Key technical challenges to overcome for synchronous speech translation include:
- Latency: Ensuring real-time processing [00:46:03].
- Ambiguity and Unstructured Language: Spoken language is often casual, unstructured, and filled with ambiguities, unlike written text. Models need to be taught to translate different types of spoken language [00:46:10].
Impact on Language Learning
The availability of advanced AI translation tools raises questions about the future of human language learning [00:41:47]. While AI might reduce the business requirement to learn multiple languages, potentially leading to fewer people learning them for practical purposes, Kutylowski believes personal interest and cultural connection will still drive language acquisition [00:43:40]. Learning languages remains valuable for brain development and provides an enjoyable intellectual challenge, similar to playing chess despite AI’s superiority in the game [00:43:56].

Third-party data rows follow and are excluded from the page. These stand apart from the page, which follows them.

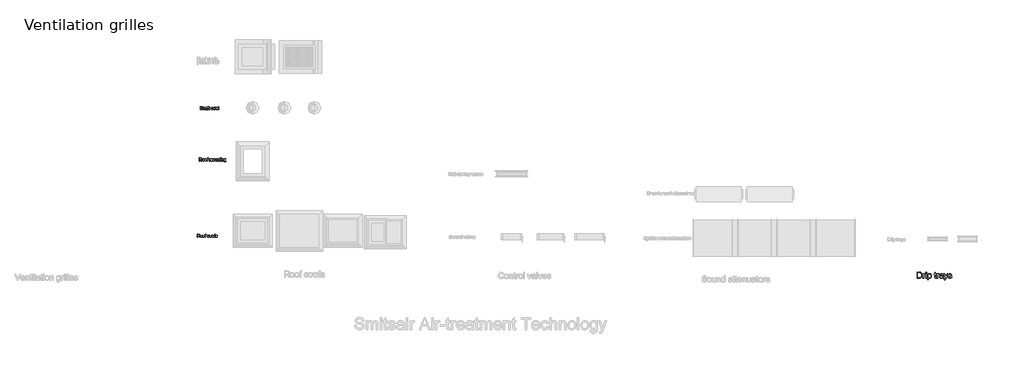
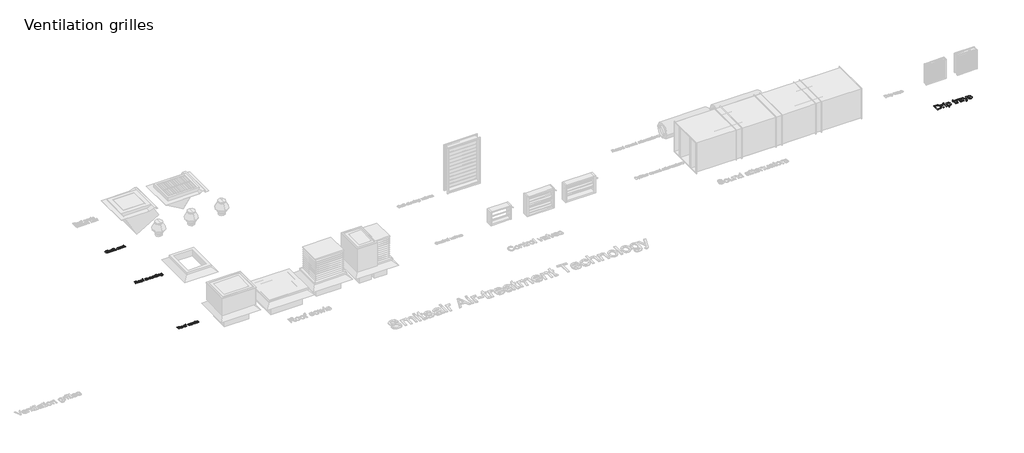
# One storey, part 7 of 10: 4 proxies.
"""IFC4 building model written with IfcOpenShell, lengths in millimetres."""

import ifcopenshell
import ifcopenshell.guid

model = None  # the IFC model being written
_history = None  # IfcOwnerHistory: only IFC2X3 demands one
_inside = {}  # id of a spatial element -> (the spatial element, [elements in it])
_under = {}  # id of a project, library or spatial element -> (it, [spatial elements below it])
_declared = {}  # id of a project -> (the project, [libraries it declares])
_typed = {}  # id of a type object -> (the type object, [elements of that type])
_made_of = {}  # id of a material, layer set ... -> (it, [elements and type objects made of it])


def new_model(schema):
    """Start an empty IFC model of exactly this schema.

    Asked for "IFC4X3", IfcOpenShell would pick the latest addendum, in which some entities
    have other attributes; the version numbers below select the first issue.
    IFC2X3 requires an IfcOwnerHistory on every rooted entity: one is made here for all.
    """
    global model, _history
    if schema == "IFC4X3":
        model = ifcopenshell.file(schema_version=(4, 3, 0, 0))
    else:
        model = ifcopenshell.file(schema=schema)
    _inside.clear()
    _under.clear()
    _declared.clear()
    _typed.clear()
    _made_of.clear()
    _history = None
    if model.schema == "IFC2X3":
        org = make("IfcOrganization", Name="unknown")
        user = make(
            "IfcPersonAndOrganization",
            ThePerson=make("IfcPerson", FamilyName="unknown"),
            TheOrganization=org,
        )
        app = make(
            "IfcApplication",
            ApplicationDeveloper=org,
            Version="unknown",
            ApplicationFullName="unknown",
            ApplicationIdentifier="unknown",
        )
        _history = make(
            "IfcOwnerHistory",
            OwningUser=user,
            OwningApplication=app,
            ChangeAction="ADDED",
            CreationDate=0,
        )
    return model


def make(cls, **values):
    """One entity of the class cls with the attributes given. An attribute that is None is left unset."""
    return model.create_entity(
        cls, **{name: value for name, value in values.items() if value is not None}
    )


def rooted(cls, **values):
    """An entity with a GlobalId (a new one), such as an element, a storey or a relation."""
    return make(cls, GlobalId=ifcopenshell.guid.new(), OwnerHistory=_history, **values)


def si_unit(unit_type, name, prefix=None):
    """IfcSIUnit, for example si_unit("LENGTHUNIT", "METRE", prefix="MILLI")."""
    return make("IfcSIUnit", UnitType=unit_type, Prefix=prefix, Name=name)


def assignment(units):
    """IfcUnitAssignment: the units of a project."""
    return None if units is None else make("IfcUnitAssignment", Units=units)


def point(xyz):
    """IfcCartesianPoint."""
    return None if xyz is None else make("IfcCartesianPoint", Coordinates=xyz)


def direction(xyz):
    """IfcDirection."""
    return None if xyz is None else make("IfcDirection", DirectionRatios=xyz)


def frame(location, z_axis=None, x_axis=None):
    """IfcAxis2Placement3D, a coordinate frame: its origin and axes. An axis left out is left unset."""
    return make(
        "IfcAxis2Placement3D",
        Location=point(location),
        Axis=direction(z_axis),
        RefDirection=direction(x_axis),
    )


def origin():
    """The frame at (0, 0, 0) with its axes left unset."""
    return frame((0.0, 0.0, 0.0))


def origin_with_axes():
    """The frame at (0, 0, 0) with the z axis (0, 0, 1) and the x axis (1, 0, 0) written out."""
    return frame((0.0, 0.0, 0.0), z_axis=(0.0, 0.0, 1.0), x_axis=(1.0, 0.0, 0.0))


def place(relative_to, where):
    """IfcLocalPlacement: puts the frame where relative to a parent placement (None: the world)."""
    return make(
        "IfcLocalPlacement", PlacementRelTo=relative_to, RelativePlacement=where
    )


def context(
    kind, dimensions, precision=None, world=None, true_north=None, identifier=None
):
    """IfcGeometricRepresentationContext, for example the 3D "Model" context."""
    return make(
        "IfcGeometricRepresentationContext",
        ContextIdentifier=identifier,
        ContextType=kind,
        CoordinateSpaceDimension=dimensions,
        Precision=precision,
        WorldCoordinateSystem=world,
        TrueNorth=true_north,
    )


def project(units=None, contexts=None):
    """IfcProject with its units and contexts."""
    return rooted(
        "IfcProject",
        Name="project",
        RepresentationContexts=contexts,
        UnitsInContext=assignment(units),
    )


def spatial(cls, under=None, at=None, **own):
    """A site, building, storey or space (cls), placed at a placement, below another one or the project."""
    s = rooted(cls, ObjectPlacement=at, **own)
    if under is not None:
        _under.setdefault(under.id(), (under, []))[1].append(s)
    return s


def polyline(points):
    """IfcPolyline through the points."""
    return make("IfcPolyline", Points=[point(p) for p in points])


def outline(outer, holes=None, kind="AREA"):
    """IfcArbitraryClosedProfileDef: a profile drawn as a closed curve; with holes, ...WithVoids."""
    if holes is None:
        return make("IfcArbitraryClosedProfileDef", ProfileType=kind, OuterCurve=outer)
    return make(
        "IfcArbitraryProfileDefWithVoids",
        ProfileType=kind,
        OuterCurve=outer,
        InnerCurves=holes,
    )


def extrude(swept, where, along, depth):
    """IfcExtrudedAreaSolid: the profile swept, set in the frame where, extruded along a direction by depth."""
    return make(
        "IfcExtrudedAreaSolid",
        SweptArea=swept,
        Position=where,
        ExtrudedDirection=direction(along),
        Depth=depth,
    )


def shape(context_of_items, identifier, shape_type, items):
    """IfcShapeRepresentation: the items that make up one representation, for example the "Body"."""
    return make(
        "IfcShapeRepresentation",
        ContextOfItems=context_of_items,
        RepresentationIdentifier=identifier,
        RepresentationType=shape_type,
        Items=items,
    )


def made_of(thing, what):
    """Note that an element or type object is made of a material, layer set ...; save() writes the relation."""
    if what is not None:
        _made_of.setdefault(what.id(), (what, []))[1].append(thing)
    return thing


def element(
    cls,
    number,
    at=None,
    inside=None,
    cuts=None,
    type_object=None,
    material=None,
    context=None,
    identifier="Body",
    shape_type=None,
    held_by="IfcProductDefinitionShape",
    body=None,
    shapes=None,
    **own,
):
    """One element of the class cls, such as IfcWall. Its Tag is "e" and its number.

    at: its placement. inside: the storey or other place that contains it. cuts: it is an
    opening in that element (IfcRelVoidsElement). A single representation is given by context,
    identifier, shape_type and body (its items); several are given by shapes. held_by: the class
    of the entity that holds the representations. save() writes the other relations.
    """
    e = rooted(cls, Tag="e%d" % number, ObjectPlacement=at, **own)
    if body is not None:
        shapes = [shape(context, identifier, shape_type, body)]
    if shapes is not None:
        e.Representation = make(held_by, Representations=shapes)
    if inside is not None:
        _inside.setdefault(inside.id(), (inside, []))[1].append(e)
    if cuts is not None:
        rooted(
            "IfcRelVoidsElement", RelatingBuildingElement=cuts, RelatedOpeningElement=e
        )
    if type_object is not None:
        _typed.setdefault(type_object.id(), (type_object, []))[1].append(e)
    return made_of(e, material)


def aggregate(whole, parts):
    """IfcRelAggregates: a whole, such as a stair, and the parts it consists of."""
    return rooted("IfcRelAggregates", RelatingObject=whole, RelatedObjects=parts)


def save(model, path):
    """Write the relations noted so far, then the file.

    IfcRelAggregates (storeys below a building ...), IfcRelContainedInSpatialStructure (elements
    in a storey), IfcRelDefinesByType, IfcRelAssociatesMaterial and IfcRelDeclares: one each for
    every whole, place, type object, material and project.
    """
    for whole, parts in _under.values():
        aggregate(whole, parts)
    for where, things in _inside.values():
        rooted(
            "IfcRelContainedInSpatialStructure",
            RelatedElements=things,
            RelatingStructure=where,
        )
    for kind, things in _typed.values():
        rooted("IfcRelDefinesByType", RelatedObjects=things, RelatingType=kind)
    for what, things in _made_of.values():
        rooted("IfcRelAssociatesMaterial", RelatedObjects=things, RelatingMaterial=what)
    for by, libraries in _declared.values():
        rooted("IfcRelDeclares", RelatingContext=by, RelatedDefinitions=libraries)
    model.write(path)


model = new_model("IFC4")

# Units and contexts
model_context = context("Model", 3, world=origin())
ifc_project = project(units=[si_unit("LENGTHUNIT", "METRE", prefix="MILLI")], contexts=[model_context])

# Site, building, storey
site = spatial("IfcSite", under=ifc_project)
building = spatial("IfcBuilding", under=site)
storey = spatial("IfcBuildingStorey", under=building, Name="Ventilation grilles", Elevation=0.0)

# Proxies
placement = place(None, origin())
element("IfcBuildingElementProxy", 1, Name="100mm", ObjectType="100mm", at=placement, inside=storey, context=model_context, shape_type="SweptSolid", body=[
    extrude(outline(polyline([(2034.4292805, -15044.8350112), (2034.4292805, -14944.3787011), (2077.7167286, -14944.3787011), (2097.8153483, -14947.0887651), (2108.8027572, -14956.6782224), (2112.9107728, -14971.8717488), (2111.2093186, -14981.7677745), (2106.1049559, -14989.971543), (2097.4444006, -14995.9864136), (2085.0743685, -14999.3157457), (2092.2112792, -15004.6868228), (2102.3893477, -15017.6117436), (2119.1402413, -15044.8350112), (2104.5475888, -15044.8350112), (2091.4755152, -15024.0128903), (2082.0332107, -15010.2295782), (2075.399072, -15003.7180669), (2069.427121, -15001.3268339), (2062.1430575, -15000.8853755), (2046.9863193, -15000.8853755), (2046.9863193, -15044.8350112), (2034.4292805, -15044.8350112)]), holes=[polyline([(2046.9863193, -14988.3283368), (2075.0925037, -14988.3283368), (2089.4276388, -14986.5502405), (2097.5700936, -14980.8603323), (2100.353734, -14972.3377327), (2095.0439706, -14961.2767474), (2078.2562889, -14956.9357398), (2046.9863193, -14956.9357398), (2046.9863193, -14988.3283368)])]), origin_with_axes(), (0.0, 0.0, 1.0), 2.0),
    extrude(outline(polyline([(2130.1767011, -15007.9487098), (2132.8928965, -14990.1616154), (2141.0414827, -14977.6597589), (2151.1091866, -14971.5345237), (2163.1634533, -14969.4927786), (2176.3550886, -14971.9790478), (2186.891842, -14979.4378552), (2193.7988265, -14991.2805898), (2196.1011546, -15006.9186402), (2192.0299272, -15029.2613401), (2180.1718643, -15041.904218), (2163.1634533, -15046.4046411), (2149.8124026, -15043.927569), (2139.2879119, -15036.4963527), (2132.4545038, -15024.4052978), (2130.1767011, -15007.9487098)]), holes=[polyline([(2142.7337399, -15007.9241844), (2144.1868738, -15019.2886723), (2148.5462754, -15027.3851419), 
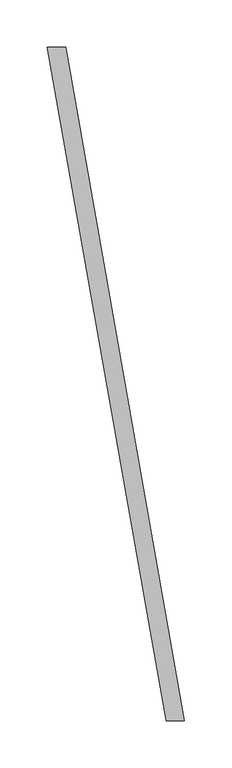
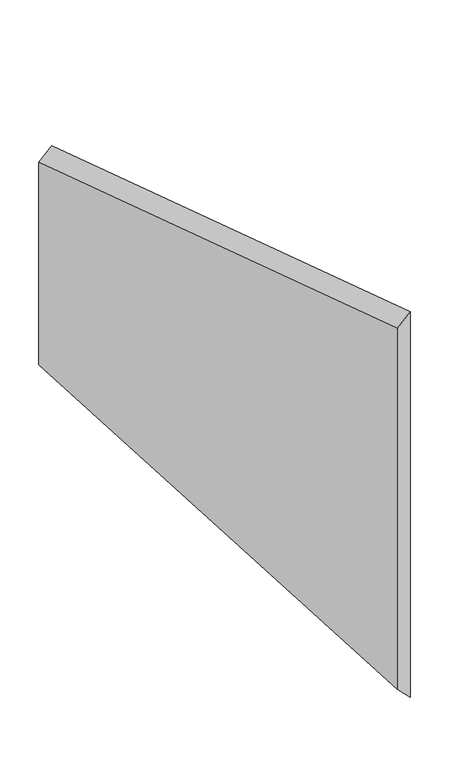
"""IFC4 building model written with IfcOpenShell, lengths in millimetres: proxy geometry, GRADIENT^TABLE 7_PYRAMID BASES-CTR BASE BACK."""

import ifcopenshell
import ifcopenshell.guid

model = None  # the IFC model being written
_history = None  # IfcOwnerHistory: only IFC2X3 demands one
_inside = {}  # id of a spatial element -> (the spatial element, [elements in it])
_under = {}  # id of a project, library or spatial element -> (it, [spatial elements below it])
_declared = {}  # id of a project -> (the project, [libraries it declares])
_typed = {}  # id of a type object -> (the type object, [elements of that type])
_made_of = {}  # id of a material, layer set ... -> (it, [elements and type objects made of it])


def new_model(schema):
    """Start an empty IFC model of exactly this schema.

    Asked for "IFC4X3", IfcOpenShell would pick the latest addendum, in which some entities
    have other attributes; the version numbers below select the first issue.
    IFC2X3 requires an IfcOwnerHistory on every rooted entity: one is made here for all.
    """
    global model, _history
    if schema == "IFC4X3":
        model = ifcopenshell.file(schema_version=(4, 3, 0, 0))
    else:
        model = ifcopenshell.file(schema=schema)
    _inside.clear()
    _under.clear()
    _declared.clear()
    _typed.clear()
    _made_of.clear()
    _history = None
    if model.schema == "IFC2X3":
        org = make("IfcOrganization", Name="unknown")
        user = make(
            "IfcPersonAndOrganization",
            ThePerson=make("IfcPerson", FamilyName="unknown"),
            TheOrganization=org,
        )
        app = make(
            "IfcApplication",
            ApplicationDeveloper=org,
            Version="unknown",
            ApplicationFullName="unknown",
            ApplicationIdentifier="unknown",
        )
        _history = make(
            "IfcOwnerHistory",
            OwningUser=user,
            OwningApplication=app,
            ChangeAction="ADDED",
            CreationDate=0,
        )
    return model


def make(cls, **values):
    """One entity of the class cls with the attributes given. An attribute that is None is left unset."""
    return model.create_entity(
        cls, **{name: value for name, value in values.items() if value is not None}
    )


def rooted(cls, **values):
    """An entity with a GlobalId (a new one), such as an element, a storey or a relation."""
    return make(cls, GlobalId=ifcopenshell.guid.new(), OwnerHistory=_history, **values)


def si_unit(unit_type, name, prefix=None):
    """IfcSIUnit, for example si_unit("LENGTHUNIT", "METRE", prefix="MILLI")."""
    return make("IfcSIUnit", UnitType=unit_type, Prefix=prefix, Name=name)


def assignment(units):
    """IfcUnitAssignment: the units of a project."""
    return None if units is None else make("IfcUnitAssignment", Units=units)


def point(xyz):
    """IfcCartesianPoint."""
    return None if xyz is None else make("IfcCartesianPoint", Coordinates=xyz)


def direction(xyz):
    """IfcDirection."""
    return None if xyz is None else make("IfcDirection", DirectionRatios=xyz)


def frame(location, z_axis=None, x_axis=None):
    """IfcAxis2Placement3D, a coordinate frame: its origin and axes. An axis left out is left unset."""
    return make(
        "IfcAxis2Placement3D",
        Location=point(location),
        Axis=direction(z_axis),
        RefDirection=direction(x_axis),
    )


def origin():
    """The frame at (0, 0, 0) with its axes left unset."""
    return frame((0.0, 0.0, 0.0))


def place(relative_to, where):
    """IfcLocalPlacement: puts the frame where relative to a parent placement (None: the world)."""
    return make(
        "IfcLocalPlacement", PlacementRelTo=relative_to, RelativePlacement=where
    )


def context(
    kind, dimensions, precision=None, world=None, true_north=None, identifier=None
):
    """IfcGeometricRepresentationContext, for example the 3D "Model" context."""
    return make(
        "IfcGeometricRepresentationContext",
        ContextIdentifier=identifier,
        ContextType=kind,
        CoordinateSpaceDimension=dimensions,
        Precision=precision,
        WorldCoordinateSystem=world,
        TrueNorth=true_north,
    )


def project(units=None, contexts=None):
    """IfcProject with its units and contexts."""
    return rooted(
        "IfcProject",
        Name="project",
        RepresentationContexts=contexts,
        UnitsInContext=assignment(units),
    )


def spatial(cls, under=None, at=None, **own):
    """A site, building, storey or space (cls), placed at a placement, below another one or the project."""
    s = rooted(cls, ObjectPlacement=at, **own)
    if under is not None:
        _under.setdefault(under.id(), (under, []))[1].append(s)
    return s


def faces_of(points, faces, orient=None, outer=None):
    """IfcFace entities. A face is a list of loops; a loop is a list of indices into points, from 0.

    orient and outer hold one flag for each loop. By default every Orientation is true, the
    first loop of a face is its IfcFaceOuterBound and the others are IfcFaceBound.
    """
    made = []
    for i, loops in enumerate(faces):
        bounds = []
        for j, loop in enumerate(loops):
            is_outer = j == 0 if outer is None else outer[i][j]
            bounds.append(
                make(
                    "IfcFaceOuterBound" if is_outer else "IfcFaceBound",
                    Bound=make("IfcPolyLoop", Polygon=[points[k] for k in loop]),
                    Orientation=True if orient is None else orient[i][j],
                )
            )
        made.append(make("IfcFace", Bounds=bounds))
    return made


def faceted_brep(points, faces, orient=None, outer=None, voids=None):
    """IfcFacetedBrep: a solid bounded by flat faces; with voids (closed shells), ...WithVoids."""
    shared = [point(p) for p in points]
    hull = make("IfcClosedShell", CfsFaces=faces_of(shared, faces, orient, outer))
    if voids is None:
        return make("IfcFacetedBrep", Outer=hull)
    return make(
        "IfcFacetedBrepWithVoids",
        Outer=hull,
        Voids=[
            make(cls, CfsFaces=faces_of(shared, fs, o, b)) for cls, fs, o, b in voids
        ],
    )


def shape(context_of_items, identifier, shape_type, items):
    """IfcShapeRepresentation: the items that make up one representation, for example the "Body"."""
    return make(
        "IfcShapeRepresentation",
        ContextOfItems=context_of_items,
        RepresentationIdentifier=identifier,
        RepresentationType=shape_type,
        Items=items,
    )


def source(mapping_origin, context_of_items, identifier, shape_type, items):
    """IfcRepresentationMap: a shape defined once, which mapped items show again and again."""
    return make(
        "IfcRepresentationMap",
        MappingOrigin=mapping_origin,
        MappedRepresentation=shape(context_of_items, identifier, shape_type, items),
    )


def transform(
    local_origin,
    x_axis=None,
    y_axis=None,
    z_axis=None,
    scale=None,
    scale2=None,
    scale3=None,
    uniform=True,
):
    """IfcCartesianTransformationOperator3D, or its non-uniform kind. x_axis, y_axis, z_axis: its Axis1, 2, 3."""
    if uniform:
        return make(
            "IfcCartesianTransformationOperator3D",
            Axis1=direction(x_axis),
            Axis2=direction(y_axis),
            LocalOrigin=point(local_origin),
            Scale=scale,
            Axis3=direction(z_axis),
        )
    return make(
        "IfcCartesianTransformationOperator3DnonUniform",
        Axis1=direction(x_axis),
        Axis2=direction(y_axis),
        LocalOrigin=point(local_origin),
        Scale=scale,
        Axis3=direction(z_axis),
        Scale2=scale2,
        Scale3=scale3,
    )


def mapped(mapping_source, mapping_target):
    """IfcMappedItem: shows the shape of a source again, moved by a transform."""
    return make(
        "IfcMappedItem", MappingSource=mapping_source, MappingTarget=mapping_target
    )


def made_of(thing, what):
    """Note that an element or type object is made of a material, layer set ...; save() writes the relation."""
    if what is not None:
        _made_of.setdefault(what.id(), (what, []))[1].append(thing)
    return thing


def element(
    cls,
    number,
    at=None,
    inside=None,
    cuts=None,
    type_object=None,
    material=None,
    context=None,
    identifier="Body",
    shape_type=None,
    held_by="IfcProductDefinitionShape",
    body=None,
    shapes=None,
    **own,
):
    """One element of the class cls, such as IfcWall. Its Tag is "e" and its number.

    at: its placement. inside: the storey or other place that contains it. cuts: it is an
    opening in that element (IfcRelVoidsElement). A single representation is given by context,
    identifier, shape_type and body (its items); several are given by shapes. held_by: the class
    of the entity that holds the representations. save() writes the other relations.
    """
    e = rooted(cls, Tag="e%d" % number, ObjectPlacement=at, **own)
    if body is not None:
        shapes = [shape(context, identifier, shape_type, body)]
    if shapes is not None:
        e.Representation = make(held_by, Representations=shapes)
    if inside is not None:
        _inside.setdefault(inside.id(), (inside, []))[1].append(e)
    if cuts is not None:
        rooted(
            "IfcRelVoidsElement", RelatingBuildingElement=cuts, RelatedOpeningElement=e
        )
    if type_object is not None:
        _typed.setdefault(type_object.id(), (type_object, []))[1].append(e)
    return made_of(e, material)


def aggregate(whole, parts):
    """IfcRelAggregates: a whole, such as a stair, and the parts it consists of."""
    return rooted("IfcRelAggregates", RelatingObject=whole, RelatedObjects=parts)


def save(model, path):
    """Write the relations noted so far, then the file.

    IfcRelAggregates (storeys below a building ...), IfcRelContainedInSpatialStructure (elements
    in a storey), IfcRelDefinesByType, IfcRelAssociatesMaterial and IfcRelDeclares: one each for
    every whole, place, type object, material and project.
    """
    for whole, parts in _under.values():
        aggregate(whole, parts)
    for where, things in _inside.values():
        rooted(
            "IfcRelContainedInSpatialStructure",
            RelatedElements=things,
            RelatingStructure=where,
        )
    for kind, things in _typed.values():
        rooted("IfcRelDefinesByType", RelatedObjects=things, RelatingType=kind)
    for what, things in _made_of.values():
        rooted("IfcRelAssociatesMaterial", RelatedObjects=things, RelatingMaterial=what)
    for by, libraries in _declared.values():
        rooted("IfcRelDeclares", RelatingContext=by, RelatedDefinitions=libraries)
    model.write(path)


def generic_models_d9a1c585(model_context):
    return source(origin(), model_context, "Body", "Brep", [
        faceted_brep([(2217.4523744, 0.0, -601.9476256), (2217.4523744, 0.0, -922.0523744), (2342.856123, -711.2, -1047.456123), (2342.856123, -711.2, -476.543877), (2236.7962513, 0.0, -582.6037487), (2236.7962513, 0.0, -941.3962513), (2362.2, -711.2, -1066.8), (2362.2, -711.2, -457.2)], [[[0, 1, 2, 3]], [[1, 0, 4, 5]], [[5, 6, 2, 1]], [[5, 4, 7, 6]], [[2, 6, 7, 3]], [[7, 4, 0, 3]]]),
    ])


if __name__ == "__main__":
    model = new_model("IFC4")
    model_context = context("Model", 3, world=origin())
    ifc_project = project(units=[si_unit("LENGTHUNIT", "METRE", prefix="MILLI")], contexts=[model_context])
    site = spatial("IfcSite", under=ifc_project)
    building = spatial("IfcBuilding", under=site)
    placement = place(None, origin())
    generic_models_shape = generic_models_d9a1c585(model_context)
    element("IfcBuildingElementProxy", 1, Name="GRADIENT^TABLE 7_PYRAMID BASES-CTR BASE BACK", ObjectType="GRADIENT^TABLE 7_PYRAMID BASES-CTR BASE BACK", at=placement, inside=building, context=model_context, shape_type="MappedRepresentation", body=[
        mapped(generic_models_shape, transform((0.0, 0.0, 0.0), x_axis=(1.0, 0.0, 0.0), y_axis=(0.0, 1.0, 0.0), z_axis=(0.0, 0.0, 1.0))),
    ])
    save(model, "model.ifc")

Lessons from DeepL’s Journey
Beating Tech Giants
DeepL attributes its success against giants like Google Translate to intense focus on the market, continuous innovation, and building strong academic-level research within the company while specializing in high-value business translation [00:08:13]. Being established in Europe, a hub of diverse languages, fostered a deep understanding and motivation within the team [00:08:46].
Beyond Technology Alone
Early on, Kutylowski believed that strong technology alone would suffice [00:49:43]. However, he learned that to deploy technology effectively, especially in AI, a broader approach is necessary, encompassing product development, commercialization, and understanding the “big picture” [00:49:56].
Evaluation of Models
Evaluating AI translation models involves both synthetic metrics (like BLEU score) and human evaluation [00:34:05]. While synthetic metrics are useful for rough orientation during training, they quickly become insufficient as quality improves [00:34:25]. The “real test” is human evaluation, where thousands of translators judge translations for accuracy, nuance, and native feel, often in a comparative way against other models [00:34:55]. This is particularly relevant for business translations, which prioritize accuracy and fluency over subjective literary beauty [00:33:19].
The challenges of building AI infrastructure companies are evident in DeepL’s journey, highlighting the need for specialized solutions, robust data pipelines, and a flexible infrastructure strategy to manage evolving AI capabilities and market demands.